High speed photographs during simulation with free hip flexion showing a minute relative anterior movement between a marker on the femur and a corresponding marker on the tibia

Fig. 6
figure 6

High speed photographs during simulation with restricted hip flexion showing a large relative anterior movement between a marker on the femur and a corresponding marker on the tibia

Analysis of the strain rate during physiological loading has never been performed in-vitro. The strain rates in the ACL during safe and injurious landing situations have been unknown. The analysis of our strain data measured through the duration of impact show that, under safe landing conditions, the strain rate is between 60 and 80%/s while during injury conditions, the strain rate increases to more than 250%/s. This is a very important point for the determination of ACL and ACL graft properties since such tissues are viscoelastic. The mechanical property tests should be performed at strain rates between the safe and injurious conditions.

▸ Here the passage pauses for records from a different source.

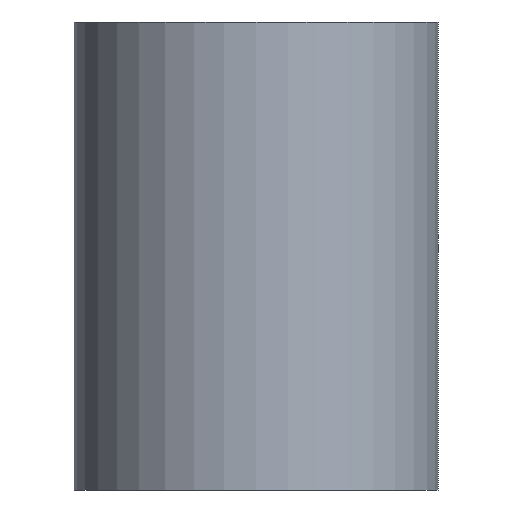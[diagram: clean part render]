
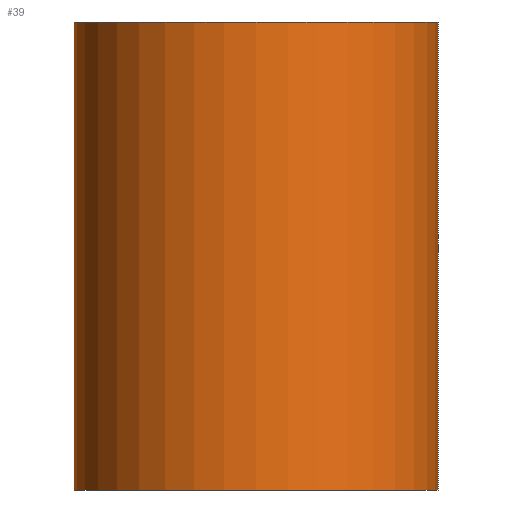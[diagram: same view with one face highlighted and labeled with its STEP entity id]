
A CAD part, front view. The second image highlights one B-rep face of the part: STEP entity #39.
In plain terms, the highlighted cylindrical face has radius 35 mm (diameter 70 mm), a full revolution.
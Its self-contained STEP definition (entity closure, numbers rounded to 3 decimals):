
#39 = ADVANCED_FACE('',(#40),#53,.T.);
#40 = FACE_BOUND('',#41,.T.);
#41 = EDGE_LOOP('',(#42,#76,#99,#126));
#42 = ORIENTED_EDGE('',*,*,#43,.T.);
#43 = EDGE_CURVE('',#44,#44,#46,.T.);
#44 = VERTEX_POINT('',#45);
#45 = CARTESIAN_POINT('',(35.,0.,0.));
#46 = SURFACE_CURVE('',#47,(#52,#64),.PCURVE_S1.);
#47 = CIRCLE('',#48,35.);
#48 = AXIS2_PLACEMENT_3D('',#49,#50,#51);
#49 = CARTESIAN_POINT('',(0.,0.,0.));
#50 = DIRECTION('',(0.,0.,1.));
#51 = DIRECTION('',(1.,0.,-0.));
#52 = PCURVE('',#53,#58);
#53 = CYLINDRICAL_SURFACE('',#54,35.);
#54 = AXIS2_PLACEMENT_3D('',#55,#56,#57);
#55 = CARTESIAN_POINT('',(0.,0.,0.));
#56 = DIRECTION('',(-0.,-0.,-1.));
#57 = DIRECTION('',(1.,0.,0.));
#58 = DEFINITIONAL_REPRESENTATION('',(#59),#63);
#59 = LINE('',#60,#61);
#60 = CARTESIAN_POINT('',(6.283,0.));
#61 = VECTOR('',#62,1.);
#62 = DIRECTION('',(-1.,0.));
#63 = ( GEOMETRIC_REPRESENTATION_CONTEXT(2) 
PARAMETRIC_REPRESENTATION_CONTEXT() REPRESENTATION_CONTEXT('2D SPACE',''
  ) );
#64 = PCURVE('',#65,#70);
#65 = PLANE('',#66);
#66 = AXIS2_PLACEMENT_3D('',#67,#68,#69);
#67 = CARTESIAN_POINT('',(0.,0.,0.));
#68 = DIRECTION('',(0.,0.,1.));
#69 = DIRECTION('',(1.,0.,-0.));
#70 = DEFINITIONAL_REPRESENTATION('',(#71),#75);
#71 = CIRCLE('',#72,35.);
#72 = AXIS2_PLACEMENT_2D('',#73,#74);
#73 = CARTESIAN_POINT('',(0.,0.));
#74 = DIRECTION('',(1.,0.));
#75 = ( GEOMETRIC_REPRESENTATION_CONTEXT(2) 
PARAMETRIC_REPRESENTATION_CONTEXT() REPRESENTATION_CONTEXT('2D SPACE',''
  ) );
#76 = ORIENTED_EDGE('',*,*,#77,.T.);
#77 = EDGE_CURVE('',#44,#78,#80,.T.);
#78 = VERTEX_POINT('',#79);
#79 = CARTESIAN_POINT('',(35.,0.,90.));
#80 = SEAM_CURVE('',#81,(#85,#92),.PCURVE_S1.);
#81 = LINE('',#82,#83);
#82 = CARTESIAN_POINT('',(35.,0.,0.));
#83 = VECTOR('',#84,1.);
#84 = DIRECTION('',(0.,0.,1.));
#85 = PCURVE('',#53,#86);
#86 = DEFINITIONAL_REPRESENTATION('',(#87),#91);
#87 = LINE('',#88,#89);
#88 = CARTESIAN_POINT('',(0.,0.));
#89 = VECTOR('',#90,1.);
#90 = DIRECTION('',(-0.,-1.));
#91 = ( GEOMETRIC_REPRESENTATION_CONTEXT(2) 
PARAMETRIC_REPRESENTATION_CONTEXT() REPRESENTATION_CONTEXT('2D SPACE',''
  ) );
#92 = PCURVE('',#53,#93);
#93 = DEFINITIONAL_REPRESENTATION('',(#94),#98);
#94 = LINE('',#95,#96);
#95 = CARTESIAN_POINT('',(6.283,0.));
#96 = VECTOR('',#97,1.);
#97 = DIRECTION('',(-0.,-1.));
#98 = ( GEOMETRIC_REPRESENTATION_CONTEXT(2) 
PARAMETRIC_REPRESENTATION_CONTEXT() REPRESENTATION_CONTEXT('2D SPACE',''
  ) );
#99 = ORIENTED_EDGE('',*,*,#100,.F.);
#100 = EDGE_CURVE('',#78,#78,#101,.T.);
#101 = SURFACE_CURVE('',#102,(#107,#114),.PCURVE_S1.);
#102 = CIRCLE('',#103,35.);
#103 = AXIS2_PLACEMENT_3D('',#104,#105,#106);
#104 = CARTESIAN_POINT('',(0.,0.,90.));
#105 = DIRECTION('',(0.,0.,1.));
#106 = DIRECTION('',(1.,0.,-0.));
#107 = PCURVE('',#53,#108);
#108 = DEFINITIONAL_REPRESENTATION('',(#109),#113);
#109 = LINE('',#110,#111);
#110 = CARTESIAN_POINT('',(6.283,-90.));
#111 = VECTOR('',#112,1.);
#112 = DIRECTION('',(-1.,0.));
#113 = ( GEOMETRIC_REPRESENTATION_CONTEXT(2) 
PARAMETRIC_REPRESENTATION_CONTEXT() REPRESENTATION_CONTEXT('2D SPACE',''
  ) );
#114 = PCURVE('',#115,#120);
#115 = PLANE('',#116);
#116 = AXIS2_PLACEMENT_3D('',#117,#118,#119);
#117 = CARTESIAN_POINT('',(0.,0.,90.));
#118 = DIRECTION('',(0.,0.,1.));
#119 = DIRECTION('',(1.,0.,-0.));
#120 = DEFINITIONAL_REPRESENTATION('',(#121),#125);
#121 = CIRCLE('',#122,35.);
#122 = AXIS2_PLACEMENT_2D('',#123,#124);
#123 = CARTESIAN_POINT('',(0.,0.));
#124 = DIRECTION('',(1.,0.));
#125 = ( GEOMETRIC_REPRESENTATION_CONTEXT(2) 
PARAMETRIC_REPRESENTATION_CONTEXT() REPRESENTATION_CONTEXT('2D SPACE',''
  ) );
#126 = ORIENTED_EDGE('',*,*,#77,.F.);

This study has some major limitations. The focus of this research has been on the role of the quadriceps muscle because of the contradictory opinions and observations in literature. Thus, we assume that the subjects have very weak hamstring forces and offer no resistance to anterior tibial translation (the muscle activation is delayed). This condition can occur when the athlete is fatigued. In such cases, both quadriceps and hamstring muscle forces can be very low. The role of several other muscles such as calf muscles, knee abductors/adductors, and the ankle has been neglected in our system. Further improvements in the system can be made by adding more actuators to simulate more muscles actively. Since this was a pilot study which focused on finding the conditions conducive for ACL injury, and the availability of cadaveric knees was limited, not every knee was used in the same way. Different conditions were tried with different knees to successfully simulate the ACL injury. Now, that the conditions needed for successful simulation are known, more systematic studies can be conducted by the research community.

5 Conclusion

A new state of the art jump-landing simulation system capable of monitoring a large number of input variables and dynamically recording a significant number of output variables was designed, constructed, and tested. The results show that the quadriceps may have a protecting effect on the ACL due to joint compression during jump-landing. Accordingly, the results showed that non-contact isolated ACL injury can be simulated in the laboratory when the flexion rate of the hip is restricted, the quadriceps and hamstring muscle forces are kept low, and a moderate ground reaction force due to landing is applied. A restricted hip flexion rate is defined as either none allowed or stopped rapidly with a high angular deceleration rate (minimal hip flexion allowed). This may be considered as a new non-contact injury mechanism controlled primarily by sagittal plane loads but that could be exacerbated by coronal (varus/valgus) and transverse (internal/external rotation) plane loads. We also found that the strain rate in the ACL is high during both safe and injurious conditions (ranging from 60%/s for safe to 261%/s for injurious conditions). Future studies analyzing sex-based differences in the ACL injury may consider the post-landing hip flexion differences (hip flexion change from landing to complete stop) between sexes as one key parameter.